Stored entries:
========
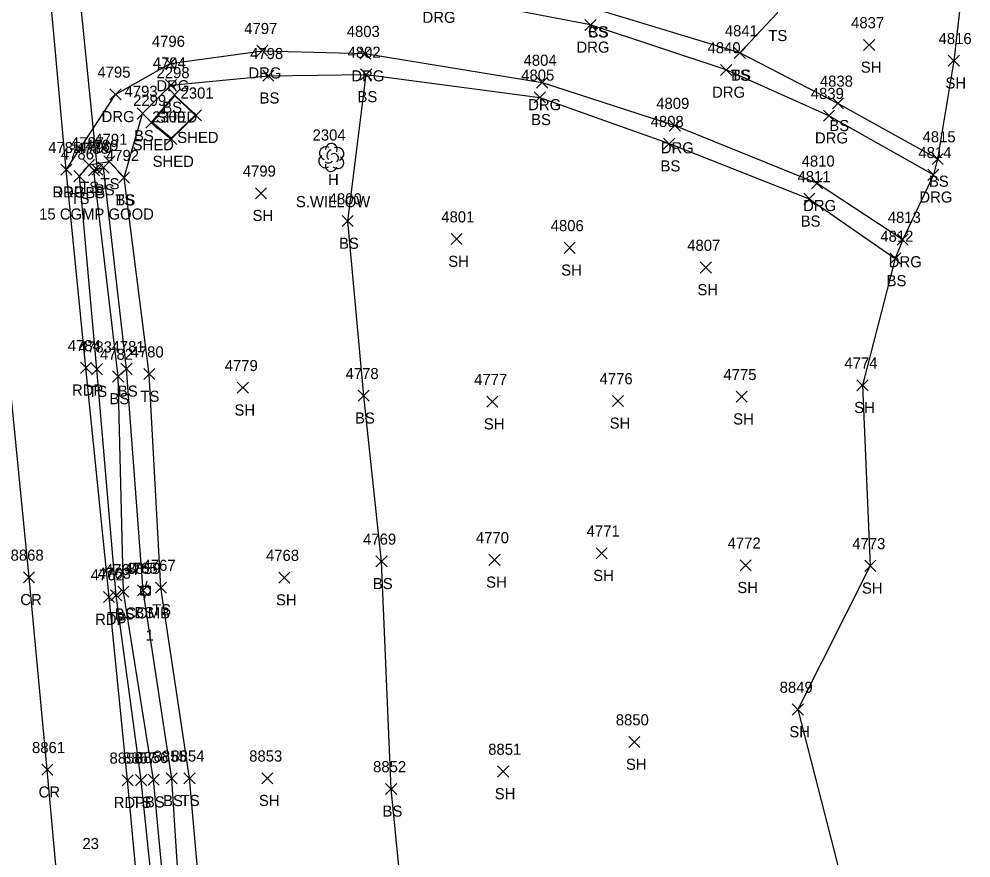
# Model space of a CAD drawing. Extents: x 1439173 to 1457902, y 641926 to 659889.
# Drawn here: x 1448335.8 to 1448507.1, y 645921.3 to 646072.4 of the extents above; entities that cross this region are included whole.
import ezdxf

# ---------------------------------------------------------------- set-up
doc = ezdxf.new("R2010")
doc.units = 0
for name, color, linetype in [('C_I', 7, 'Continuous'), ('D_A', 7, 'Continuous'), ('D_C', 7, 'Continuous'), ('D_I', 7, 'Continuous'), ('D_TIC', 7, 'Continuous'), ('DCP', 7, 'Continuous'), ('L_A', 7, 'Continuous'), ('L_C', 7, 'Continuous'), ('L_I', 7, 'Continuous'), ('L_TIC', 7, 'Continuous'), ('LBC', 7, 'Continuous'), ('LELB', 7, 'Continuous'), ('Level 5', 7, 'Continuous'), ('LSOGP', 7, 'Continuous'), ('LTD', 7, 'Continuous'), ('P_A', 7, 'Continuous'), ('P_I', 7, 'Continuous'), ('P_TIC', 7, 'Continuous'), ('PET', 7, 'Continuous'), ('PRC', 7, 'Continuous'), ('R_A', 7, 'Continuous'), ('R_I', 7, 'Continuous'), ('R_TIC', 7, 'Continuous'), ('RDG', 7, 'Continuous'), ('U_A', 7, 'Continuous'), ('U_C', 7, 'Continuous'), ('U_I', 7, 'Continuous'), ('UP', 7, 'Continuous')]:
    doc.layers.add(name, color=color, linetype=linetype)

msp = doc.modelspace()

# ---------------------------------------------------------------- linework, layer by layer
at = {"layer": 'D_TIC'}
for points in [[(1448348.91, 646044.27), (1448350.91, 646046.27)], [(1448350.91, 646044.27), (1448348.91, 646046.27)]]:
    msp.add_lwpolyline(points, dxfattribs=at)
at = {"layer": 'DCP'}
msp.add_lwpolyline([(1448349.91, 646045.27), (1448345.89, 646085.23)], dxfattribs=at)
at = {"layer": 'L_TIC'}
for points in [[(1448464.51, 646065.27), (1448466.51, 646067.27)], [(1448466.51, 646065.27), (1448464.51, 646067.27)], [(1448464.51, 646065.27), (1448466.51, 646067.27)], [(1448466.51, 646065.27), (1448464.51, 646067.27)], [(1448487.8, 646066.72), (1448489.8, 646068.72)], [(1448489.8, 646066.72), (1448487.8, 646068.72)], [(1448503.02, 646063.87), (1448505.02, 646065.87)], [(1448505.02, 646063.87), (1448503.02, 646065.87)], [(1448379.65, 646061.17), (1448381.65, 646063.17)], [(1448381.65, 646061.17), (1448379.65, 646063.17)], [(1448397.27, 646061.4), (1448399.27, 646063.4)], [(1448399.27, 646061.4), (1448397.27, 646063.4)], [(1448397.27, 646061.4), (1448399.27, 646063.4)], [(1448399.27, 646061.4), (1448397.27, 646063.4)], [(1448362.14, 646059.48), (1448364.14, 646061.48)], [(1448364.14, 646059.48), (1448362.14, 646061.48)], [(1448362.81, 646057.73), (1448364.81, 646059.73)], [(1448364.81, 646057.73), (1448362.81, 646059.73)], [(1448362.81, 646057.73), (1448364.81, 646059.73)], [(1448364.81, 646057.73), (1448362.81, 646059.73)], [(1448428.52, 646057.28), (1448430.52, 646059.28)], [(1448430.52, 646057.28), (1448428.52, 646059.28)], [(1448482.18, 646056.2), (1448484.18, 646058.2)], [(1448484.18, 646056.2), (1448482.18, 646058.2)], [(1448357.05, 646054.38), (1448359.05, 646056.38)], [(1448359.05, 646054.38), (1448357.05, 646056.38)], [(1448366.64, 646054.06), (1448368.64, 646056.06)], [(1448368.64, 646054.06), (1448366.64, 646056.06)], [(1448366.64, 646054.06), (1448368.64, 646056.06)], [(1448368.64, 646054.06), (1448366.64, 646056.06)], [(1448358.61, 646052.75), (1448360.61, 646054.75)], [(1448360.61, 646052.75), (1448358.61, 646054.75)], [(1448362.2, 646049.76), (1448364.2, 646051.76)], [(1448364.2, 646049.76), (1448362.2, 646051.76)], [(1448451.81, 646048.94), (1448453.81, 646050.94)], [(1448453.81, 646048.94), (1448451.81, 646050.94)], [(1448347.4, 646045.1), (1448349.4, 646047.1)], [(1448349.4, 646045.1), (1448347.4, 646047.1)], [(1448350, 646044.64), (1448352, 646046.64)], [(1448352, 646044.64), (1448350, 646046.64)], [(1448350, 646044.64), (1448352, 646046.64)], [(1448352, 646044.64), (1448350, 646046.64)], [(1448351.05, 646045.73), (1448353.05, 646047.73)], [(1448353.05, 646045.73), (1448351.05, 646047.73)], [(1448500.1, 646046.18), (1448502.1, 646048.18)], [(1448502.1, 646046.18), (1448500.1, 646048.18)], [(1448345.66, 646043.08), (1448347.66, 646045.08)], [(1448347.66, 646043.08), (1448345.66, 646045.08)], [(1448348.29, 646044.12), (1448350.29, 646046.12)], [(1448350.29, 646044.12), (1448348.29, 646046.12)], [(1448353.71, 646042.82), (1448355.71, 646044.82)], [(1448355.71, 646042.82), (1448353.71, 646044.82)], [(1448353.71, 646042.82), (1448355.71, 646044.82)], [(1448355.71, 646042.82), (1448353.71, 646044.82)], [(1448353.71, 646042.82), (1448355.71, 646044.82)], [(1448355.71, 646042.82), (1448353.71, 646044.82)], [(1448378.34, 646040.01), (1448380.34, 646042.01)], [(1448380.34, 646040.01), (1448378.34, 646042.01)], [(1448477.02, 646039), (1448479.02, 646041)], [(1448479.02, 646039), (1448477.02, 646041)], [(1448393.95, 646035.01), (1448395.95, 646037.01)], [(1448395.95, 646035.01), (1448393.95, 646037.01)], [(1448413.57, 646031.76), (1448415.57, 646033.76)], [(1448415.57, 646031.76), (1448413.57, 646033.76)], [(1448433.88, 646030.18), (1448435.88, 646032.18)], [(1448435.88, 646030.18), (1448433.88, 646032.18)], [(1448492.49, 646028.27), (1448494.49, 646030.27)], [(1448494.49, 646028.27), (1448492.49, 646030.27)], [(1448458.39, 646026.65), (1448460.39, 646028.65)], [(1448460.39, 646026.65), (1448458.39, 646028.65)], [(1448348.83, 646008.34), (1448350.83, 646010.34)], [(1448350.83, 646008.34), (1448348.83, 646010.34)], [(1448352.64, 646007.02), (1448354.64, 646009.02)], [(1448354.64, 646007.02), (1448352.64, 646009.02)], [(1448354.15, 646008.39), (1448356.15, 646010.39)], [(1448356.15, 646008.39), (1448354.15, 646010.39)], [(1448358.24, 646007.45), (1448360.24, 646009.45)], [(1448360.24, 646007.45), (1448358.24, 646009.45)], [(1448486.6, 646005.44), (1448488.6, 646007.44)], [(1448488.6, 646005.44), (1448486.6, 646007.44)], [(1448375.09, 646004.99), (1448377.09, 646006.99)], [(1448377.09, 646004.99), (1448375.09, 646006.99)], [(1448396.83, 646003.55), (1448398.83, 646005.55)], [(1448398.83, 646003.55), (1448396.83, 646005.55)], [(1448419.96, 646002.48), (1448421.96, 646004.48)], [(1448421.96, 646002.48), (1448419.96, 646004.48)], [(1448442.6, 646002.62), (1448444.6, 646004.62)], [(1448444.6, 646002.62), (1448442.6, 646004.62)], [(1448464.83, 646003.37), (1448466.83, 646005.37)], [(1448466.83, 646003.37), (1448464.83, 646005.37)], [(1448439.64, 645975.19), (1448441.64, 645977.19)], [(1448441.64, 645975.19), (1448439.64, 645977.19)], [(1448400.04, 645973.73), (1448402.04, 645975.73)], [(1448402.04, 645973.73), (1448400.04, 645975.73)], [(1448420.37, 645974), (1448422.37, 645976)], [(1448422.37, 645974), (1448420.37, 645976)], [(1448465.58, 645973.02), (1448467.58, 645975.02)], [(1448467.58, 645973.02), (1448465.58, 645975.02)], [(1448488.01, 645972.92), (1448490.01, 645974.92)], [(1448490.01, 645972.92), (1448488.01, 645974.92)], [(1448382.56, 645970.81), (1448384.56, 645972.81)], [(1448384.56, 645970.81), (1448382.56, 645972.81)], [(1448352.28, 645967.6), (1448354.28, 645969.6)], [(1448354.28, 645967.6), (1448352.28, 645969.6)], [(1448353.59, 645968.26), (1448355.59, 645970.26)], [(1448355.59, 645968.26), (1448353.59, 645970.26)], [(1448357.12, 645968.5), (1448359.12, 645970.5)], [(1448359.12, 645968.5), (1448357.12, 645970.5)], [(1448360.35, 645969.01), (1448362.35, 645971.01)], [(1448362.35, 645969.01), (1448360.35, 645971.01)], [(1448474.95, 645947.06), (1448476.95, 645949.06)], [(1448476.95, 645947.06), (1448474.95, 645949.06)], [(1448445.53, 645941.2), (1448447.53, 645943.2)], [(1448447.53, 645941.2), (1448445.53, 645943.2)], [(1448421.92, 645935.9), (1448423.92, 645937.9)], [(1448423.92, 645935.9), (1448421.92, 645937.9)], [(1448356.78, 645934.33), (1448358.78, 645936.33)], [(1448358.78, 645934.33), (1448356.78, 645936.33)], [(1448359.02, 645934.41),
========
EXERCISE DESCRIPTION:
Copy every line of the data that holds the string "color".

EXERCISE RESPONSE:
for name, color, linetype in [('C_I', 7, 'Continuous'), ('D_A', 7, 'Continuous'), ('D_C', 7, 'Continuous'), ('D_I', 7, 'Continuous'), ('D_TIC', 7, 'Continuous'), ('DCP', 7, 'Continuous'), ('L_A', 7, 'Continuous'), ('L_C', 7, 'Continuous'), ('L_I', 7, 'Continuous'), ('L_TIC', 7, 'Continuous'), ('LBC', 7, 'Continuous'), ('LELB', 7, 'Continuous'), ('Level 5', 7, 'Continuous'), ('LSOGP', 7, 'Continuous'), ('LTD', 7, 'Continuous'), ('P_A', 7, 'Continuous'), ('P_I', 7, 'Continuous'), ('P_TIC', 7, 'Continuous'), ('PET', 7, 'Continuous'), ('PRC', 7, 'Continuous'), ('R_A', 7, 'Continuous'), ('R_I', 7, 'Continuous'), ('R_TIC', 7, 'Continuous'), ('RDG', 7, 'Continuous'), ('U_A', 7, 'Continuous'), ('U_C', 7, 'Continuous'), ('U_I', 7, 'Continuous'), ('UP', 7, 'Continuous')]:
    doc.layers.add(name, color=color, linetype=linetype)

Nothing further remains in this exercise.